» What is being asked
An exact copy is required of the lines from the one with "320 x 160 |" through the last line of the material below, and of nothing else.
--- Material to process ---
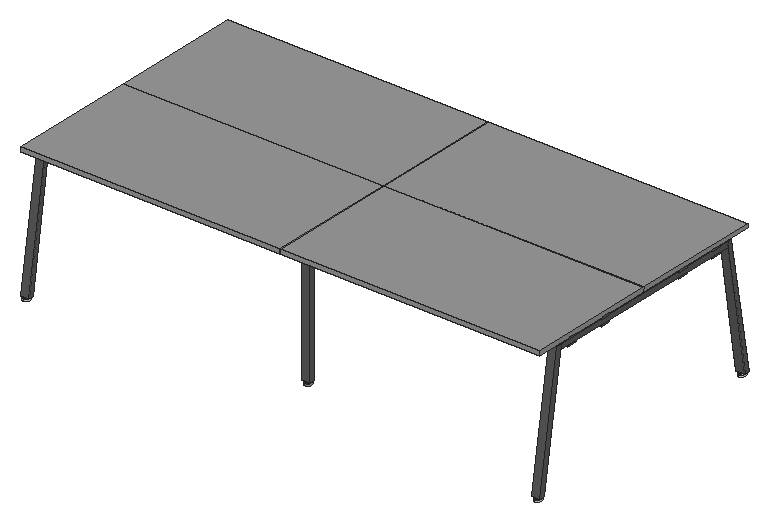
Revit family "Haworth_Tibas_Desk_BenchWorkstation_EU_PRELIMINARY", category Furniture, Revit 2019 (continued)
Definition of nested family "Haworth_Tibas_CableManagement_HorizontalCableTraySingleWire_PART"
  Definition of nested family "Haworth_Tibas_CableManagement_HorizontalCableTraySingleWire_120cm-PART"
    Forms (cm)
      Extrusion 2, void
        sketch origin (0, -2.9666, 0) x (1, 0, 0) y (0, 0, -1)
          loop
            line (51.739, -73.9397) -> (57.5316, -73.9397) -> (57.5316, -70.6269) -> (51.739, -70.6269) -> (51.739, -73.9397)
          loop
            line (57.5316, -70.4411) -> (57.5316, -68.6582) -> (51.739, -68.6582) -> (51.739, -70.4411) -> (57.5316, -70.4411)
          loop
            line (57.739, -73.9397) -> (63.5316, -73.9397) -> (63.5316, -70.6269) -> (57.739, -70.6269) -> (57.739, -73.9397)
          loop
            line (63.5316, -70.4411) -> (63.5316, -68.6582) -> (57.739, -68.6582) -> (57.739, -70.4411) -> (63.5316, -70.4411)
          loop
            line (63.739, -73.9397) -> (69.5316, -73.9397) -> (69.5316, -70.6269) -> (63.739, -70.6269) -> (63.739, -73.9397)
          loop
            line (69.5316, -70.4411) -> (69.5316, -68.6448) -> (63.739, -68.6448) -> (63.739, -70.4411) -> (69.5316, -70.4411)
          loop
            line (69.739, -73.9397) -> (75.5316, -73.9397) -> (75.5316, -70.6269) -> (69.739, -70.6269) -> (69.739, -73.9397)
          loop
            line (75.5316, -70.4411) -> (75.5316, -68.6582) -> (69.739, -68.6582) -> (69.739, -70.4411) -> (75.5316, -70.4411)
          loop
            line (75.739, -73.9397) -> (80.3487, -73.9397) -> (80.3487, -70.6269) -> (75.739, -70.6269) -> (75.739, -73.9397)
          loop
            line (80.3487, -70.4411) -> (80.3487, -68.6582) -> (75.739, -68.6582) -> (75.739, -70.4411) -> (80.3487, -70.4411)
        from -21.2076 to 0.5784
      Extrusion 3, void
        sketch origin (0, -24.7371, 0) x (1, 0, 0) y (0, 1, 0)
          loop
            line (-38.511, 5.9663) -> (-30.9555, 5.9663) -> (-30.9555, 20.0623) -> (-38.511, 20.0623) -> (-38.511, 5.9663)
          loop
            line (-30.761, 5.9663) -> (-24.9684, 5.9663) -> (-24.9684, 20.0623) -> (-30.761, 20.0623) -> (-30.761, 5.9663)
          loop
            line (-24.761, 5.9663) -> (-18.9555, 5.9663) -> (-18.9555, 20.0623) -> (-24.761, 20.0623) -> (-24.761, 5.9663)
          loop
            line (-18.761, 5.9663) -> (-12.9684, 5.9663) -> (-12.9684, 20.0623) -> (-18.761, 20.0623) -> (-18.761, 5.9663)
          loop
            line (-12.761, 5.9663) -> (-6.9555, 5.9663) -> (-6.9555, 20.0623) -> (-12.761, 20.0623) -> (-12.761, 5.9663)
          loop
            line (-6.748, 5.9663) -> (-0.9555, 5.9663) -> (-0.9555, 20.0623) -> (-6.748, 20.0623) -> (-6.748, 5.9663)
          loop
            line (-0.748, 5.9663) -> (5.0575, 5.9663) -> (5.0575, 20.0623) -> (-0.748, 20.0623) -> (-0.748, 5.9663)
          loop
            line (5.2779, 5.9663) -> (11.0704, 5.9663) -> (11.0704, 20.0623) -> (5.2779, 20.0623) -> (5.2779, 5.9663)
          loop
            line (11.2779, 5.9663) -> (17.0834, 5.9663) -> (17.0834, 20.0623) -> (11.2779, 20.0623) -> (11.2779, 5.9663)
          loop
            line (17.2908, 5.9663) -> (23.0963, 5.9663) -> (23.0963, 20.0623) -> (17.2908, 20.0623) -> (17.2908, 5.9663)
          loop
            line (23.3038, 5.9663) -> (29.0963, 5.9663) -> (29.0963, 20.0623) -> (23.3038, 20.0623) -> (23.3038, 5.9663)
          loop
            line (29.3038, 5.9663) -> (35.1093, 5.9663) -> (35.1093, 20.0623) -> (29.3038, 20.0623) -> (29.3038, 5.9663)
          loop
            line (35.3297, 5.9663) -> (41.1222, 5.9663) -> (41.1222, 20.0623) -> (35.3297, 20.0623) -> (35.3297, 5.9663)
          loop
            line (41.3297, 5.9663) -> (47.1351, 5.9663) -> (47.1351, 20.0623) -> (41.3297, 20.0623) -> (41.3297, 5.9663)
          loop
            line (47.3426, 5.9663) -> (53.1481, 5.9663) -> (53.1481, 20.0623) -> (47.3426, 20.0623) -> (47.3426, 5.9663)
          loop
            line (53.3556, 5.9663) -> (59.1481, 5.9663) -> (59.1481, 20.0623) -> (53.3556, 20.0623) -> (53.3556, 5.9663)
          loop
            line (59.3556, 5.9663) -> (65.161, 5.9663) -> (65.161, 20.0623) -> (59.3556, 20.0623) -> (59.3556, 5.9663)
          loop
            line (65.3815, 5.9663) -> (71.174, 5.9663) -> (71.174, 20.0623) -> (65.3815, 20.0623) -> (65.3815, 5.9663)
          loop
            line (71.3815, 5.9663) -> (80.3036, 5.9663) -> (80.3036, 20.0623) -> (71.3815, 20.0623) -> (71.3815, 5.9663)
        from 0 to 76.0995
      Extrusion 4, solid, material <- "Trim Finish"
        sketch origin (90.911, 0.625, 79.9413) x (0, -1, 0) y (0, 0, -1)
          loop
            arc (24.1542, 2.8) -> (24.3098, 2.8644) -> (24.3742, 3.02) r 0.22
            line (24.3742, 3.02) -> (24.3742, 6) -> (24.1742, 6) -> (24.1742, 3) -> (20.1242, 3) -> (20.1242, 5.5787)
            arc (20.1242, 5.5787) -> (20.0594, 5.7352) -> (19.9029, 5.8) r 0.2213
            line (19.9029, 5.8) -> (19.6242, 5.8) -> (19.6242, 12.2277)
            arc (19.6242, 12.2277) -> (19.5591, 12.3849) -> (19.4019, 12.45) r 0.2223
            line (19.4019, 12.45) -> (7.5483, 12.45)
            arc (7.5483, 12.45) -> (7.1233, 12.025) -> (7.5483, 11.6) r 0.425
            line (7.5483, 11.6) -> (8.3242, 11.6) -> (8.3242, 11.8) -> (7.5501, 11.8)
            arc (7.5501, 11.8) -> (7.3251, 12.025) -> (7.5501, 12.25) r 0.225
            line (7.5501, 12.25) -> (19.4242, 12.25) -> (19.4242, 5.824)
            arc (19.4242, 5.824) -> (19.4898, 5.6656) -> (19.6482, 5.6) r 0.224
            line (19.6482, 5.6) -> (19.9242, 5.6) -> (19.9242, 3.0224)
            arc (19.9242, 3.0224) -> (19.9893, 2.8651) -> (20.1466, 2.8) r 0.2224
            line (20.1466, 2.8) -> (24.1542, 2.8)
        from -36.501 to -33.501
      Extrusion 5, solid, material <- "Trim Finish"
        sketch origin (-44.8038, 0.625, 79.9413) x (0, -1, 0) y (0, 0, 1)
          loop
            line (24.1542, -2.8) -> (20.1466, -2.8)
            arc (20.1466, -2.8) -> (19.9893, -2.8651) -> (19.9242, -3.0224) r 0.2224
            line (19.9242, -3.0224) -> (19.9242, -5.6) -> (19.6482, -5.6)
            arc (19.6482, -5.6) -> (19.4898, -5.6656) -> (19.4242, -5.824) r 0.224
            line (19.4242, -5.824) -> (19.4242, -12.25) -> (7.5501, -12.25)
            arc (7.5501, -12.25) -> (7.3251, -12.025) -> (7.5501, -11.8) r 0.225
            line (7.5501, -11.8) -> (8.3242, -11.8) -> (8.3242, -11.6) -> (7.5483, -11.6)
            arc (7.5483, -11.6) -> (7.1233, -12.025) -> (7.5483, -12.45) r 0.425
            line (7.5483, -12.45) -> (19.4019, -12.45)
            arc (19.4019, -12.45) -> (19.5591, -12.3849) -> (19.6242, -12.2277) r 0.2223
            line (19.6242, -12.2277) -> (19.6242, -5.8) -> (19.9029, -5.8)
            arc (19.9029, -5.8) -> (20.0594, -5.7352) -> (20.1242, -5.5787) r 0.2213
            line (20.1242, -5.5787) -> (20.1242, -3) -> (24.1742, -3) -> (24.1742, -6) -> (24.3742, -6) -> (24.3742, -3.02)
            arc (24.3742, -3.02) -> (24.3098, -2.8644) -> (24.1542, -2.8) r 0.22
        from -36.501 to -33.501
    Cuts and joins
      Extrusion 2, Extrusion 3 cuts Extrusion 1
    Lines and regions (cm)
      Masking region 1
        outline origin (0, 0, 0) x (1, 0, 0) y (0, 1, 0)
          loop
            line (-39.1964, -4.3686) -> (-39.1964, -20.3686) -> (80.8036, -20.3686) -> (80.8036, -4.3686) -> (-39.1964, -4.3686)
    Dimensions and locks (cm)
      locked: plane 2 "Support Top" to level at 74.1363
      equal spacing: plane 4, plane 6, plane 5 "Front"
      "Actual Depth": plane 5 "Front" to plane 4
      equal spacing: plane 7, plane 3, plane 8
      "Actual Width": plane 7 to plane 8
      aligned and locked: plane 4 to cut or joined group of Extrusion 1, Extrusion 2, Extrusion 3
      aligned and locked: Masking region 1 sketch curve to plane 4
      aligned and locked: Masking region 1 sketch curve to plane 5 "Front"
      aligned and locked: Masking region 1 to plane 7
      aligned and locked: cut or joined group of Extrusion 1, Extrusion 2, Extrusion 3 to plane 7
      aligned and locked: plane 8 to Masking region 1
      aligned and locked: plane 8 to cut or joined group of Extrusion 1, Extrusion 2, Extrusion 3
    Automatic sketch dimensions
      Extrusion 1 sketch curve to plane 2 "Support Top" = 0 cm  (x2)
      Extrusion 1 sketch curve to plane 4 = 0 cm
      Extrusion 1 sketch curve to Extrusion 1 sketch curve = 0.3062 cm
      Extrusion 1 sketch curve to plane 4 = 0.3886 cm
      Extrusion 1 sketch curve to Extrusion 1 sketch curve = 0.1226 cm
      Extrusion 1 sketch curve to plane 5 "Front" = 1.3652 cm
      Extrusion 1 sketch curve to Extrusion 1 sketch curve = 0.0044 cm
      Extrusion 1 sketch curve to Extrusion 1 sketch curve = 0.1959 cm
      Extrusion 1 sketch curve to Extrusion 1 sketch curve = 0.1923 cm
      Extrusion 1 sketch curve to plane 2 "Support Top" = 5.6934 cm
      Extrusion 1 sketch curve to Extrusion 1 sketch curve = 0.0167 cm
      Extrusion 4 sketch curve to plane 4 = 2.5547 cm
      Extrusion 4 sketch curve to Extrusion 4 sketch curve = 0.0018 cm
      Extrusion 4 sketch curve to Extrusion 4 sketch curve = 0.7759 cm
      Extrusion 4 sketch curve to plane 5 "Front" = 1.5916 cm
      Extrusion 4 sketch curve to Extrusion 4 sketch curve = 0.0223 cm
      plane 2 "Support Top" to Extrusion 4 sketch curve = 0.005 cm
      Extrusion 4 sketch curve to Extrusion 4 sketch curve = 0.2 cm  (x5)
      Extrusion 4 sketch curve to Extrusion 4 sketch curve = 0.024 cm
      Extrusion 4 sketch curve to Extrusion 4 sketch curve = 0.2547 cm
      Extrusion 4 sketch curve to plane 5 "Front" = 1.0694 cm
      Extrusion 4 sketch curve to Extrusion 4 sketch curve = 0.0224 cm
      plane 5 "Front" to Extrusion 4 sketch curve = 3.1606 cm
      Extrusion 4 sketch curve to Extrusion 4 sketch curve = 0.02 cm  (x2)
      Extrusion 4 sketch curve to Extrusion 4 sketch curve = 2.5563 cm
      Extrusion 4 sketch curve to plane 2 "Support Top" = 0.195 cm
      Extrusion 4 sketch curve to plane 2 "Support Top" = 5.795 cm
      Extrusion 4 sketch curve to Extrusion 4 sketch curve = 0.225 cm
      Extrusion 4 sketch curve to Extrusion 4 sketch curve = 0 cm
      Masking region 1 sketch curve to plane 7 = 0 cm
      Masking region 1 sketch curve to plane 8 = 0 cm
      Extrusion 5 sketch curve to plane 4 = 2.5547 cm
      Extrusion 5 sketch curve to Extrusion 5 sketch curve = 0.0018 cm
      Extrusion 5 sketch curve to Extrusion 5 sketch curve = 0.7759 cm
      Extrusion 5 sketch curve to plane 5 "Front" = 1.5916 cm
      Extrusion 5 sketch curve to Extrusion 5 sketch curve = 0.0223 cm
      plane 2 "Support Top" to Extrusion 5 sketch curve = 0.005 cm
      Extrusion 5 sketch curve to Extrusion 5 sketch curve = 0.2 cm  (x4)
      Extrusion 5 sketch curve to Extrusion 5 sketch curve = 0.024 cm
      Extrusion 5 sketch curve to Extrusion 5 sketch curve = 0.2547 cm
      Extrusion 5 sketch curve to plane 5 "Front" = 1.0694 cm
      Extrusion 5 sketch curve to Extrusion 5 sketch curve = 0.0224 cm
      plane 5 "Front" to Extrusion 5 sketch curve = 3.1606 cm
      Extrusion 5 sketch curve to Extrusion 5 sketch curve = 0.02 cm  (x2)
      Extrusion 5 sketch curve to plane 2 "Support Top" = 0.019 cm
      Extrusion 5 sketch curve to plane 2 "Support Top" = 0.195 cm
      Extrusion 5 sketch curve to plane 2 "Support Top" = 5.795 cm
      Extrusion 5 sketch curve to Extrusion 5 sketch curve = 0.225 cm
      Extrusion 5 sketch curve to Extrusion 5 sketch curve = 0 cm
      Extrusion 5 sketch curve to Extrusion 5 sketch curve = 2.5563 cm
      Extrusion 3 sketch curve to plane 7 = 0.6855 cm
      plane 4 to Extrusion 3 sketch curve = 0.3062 cm  (x5)
      Extrusion 3 sketch curve to Extrusion 3 sketch curve = 7.5555 cm
      Extrusion 3 sketch curve to Extrusion 3 sketch curve = 0.1945 cm  (x2)
      plane 5 "Front" to Extrusion 3 sketch curve = 1.5977 cm  (x13)
      Extrusion 3 sketch curve to Extrusion 3 sketch curve = 5.7925 cm  (x8)
      Extrusion 3 sketch curve to Extrusion 3 sketch curve = 0.2075 cm  (x13)
      Extrusion 3 sketch curve to Extrusion 3 sketch curve = 5.8055 cm  (x7)
      Extrusion 3 sketch curve to Extrusion 3 sketch curve = 0.2204 cm  (x3)
      plane 3 to Extrusion 3 sketch curve = 3.7202 cm
      Extrusion 3 sketch curve to plane 3 = 2.2927 cm
      plane 8 to Extrusion 3 sketch curve = 0.5 cm
      Extrusion 3 sketch curve to Extrusion 3 sketch curve = 0 cm  (x20)
      Extrusion 2 sketch curve to plane 2 "Support Top" = 0.1965 cm  (x20)
      plane 7 to Extrusion 2 sketch curve = 0.9355 cm
      Extrusion 2 sketch curve to Extrusion 2 sketch curve = 0 cm  (x47)
      Extrusion 2 sketch curve to Extrusion 2 sketch curve = 5.7925 cm  (x16)
      Extrusion 2 sketch curve to Extrusion 2 sketch curve = 0.2075 cm  (x25)
      Extrusion 2 sketch curve to plane 3 = 5.272 cm
      plane 3 to Extrusion 2 sketch curve = 0.728 cm  (x2)
      Extrusion 2 sketch curve to plane 8 = 5.272 cm
      Extrusion 2 sketch curve to plane 8 = 0.4549 cm  (x2)
      Extrusion 2 sketch curve to Extrusion 2 sketch curve = 3.3128 cm  (x6)
      Extrusion 2 sketch curve to Extrusion 2 sketch curve = 0.1859 cm  (x20)
      Extrusion 2 sketch curve to Extrusion 2 sketch curve = 1.7829 cm  (x14)
      Extrusion 2 sketch curve to Extrusion 2 sketch curve = 0.0134 cm  (x4)
      Extrusion 2 sketch curve to Extrusion 2 sketch curve = 1.7963 cm
Types (2, lengths in cm): name | Worksurface Width | Small | O-Leg Frame R | O-Leg Frame | No Accessory Kit | Large | Horizontal Cable Tray Double | Epure Cable Outlet | Cable Tray Width | Actual Width | Accessory Kit | A-Leg Frame R | A-Leg Frame
  320 x 160 | 160 | no | no | no | yes | yes | no | no | 270 | 320 | no | yes | yes
  160 x 160 | 80 | yes | yes | yes | no | no | yes | yes | 110 | 160 | yes | no | no
---
» Task output
  320 x 160 | 160 | no | no | no | yes | yes | no | no | 270 | 320 | no | yes | yes
  160 x 160 | 80 | yes | yes | yes | no | no | yes | yes | 110 | 160 | yes | no | no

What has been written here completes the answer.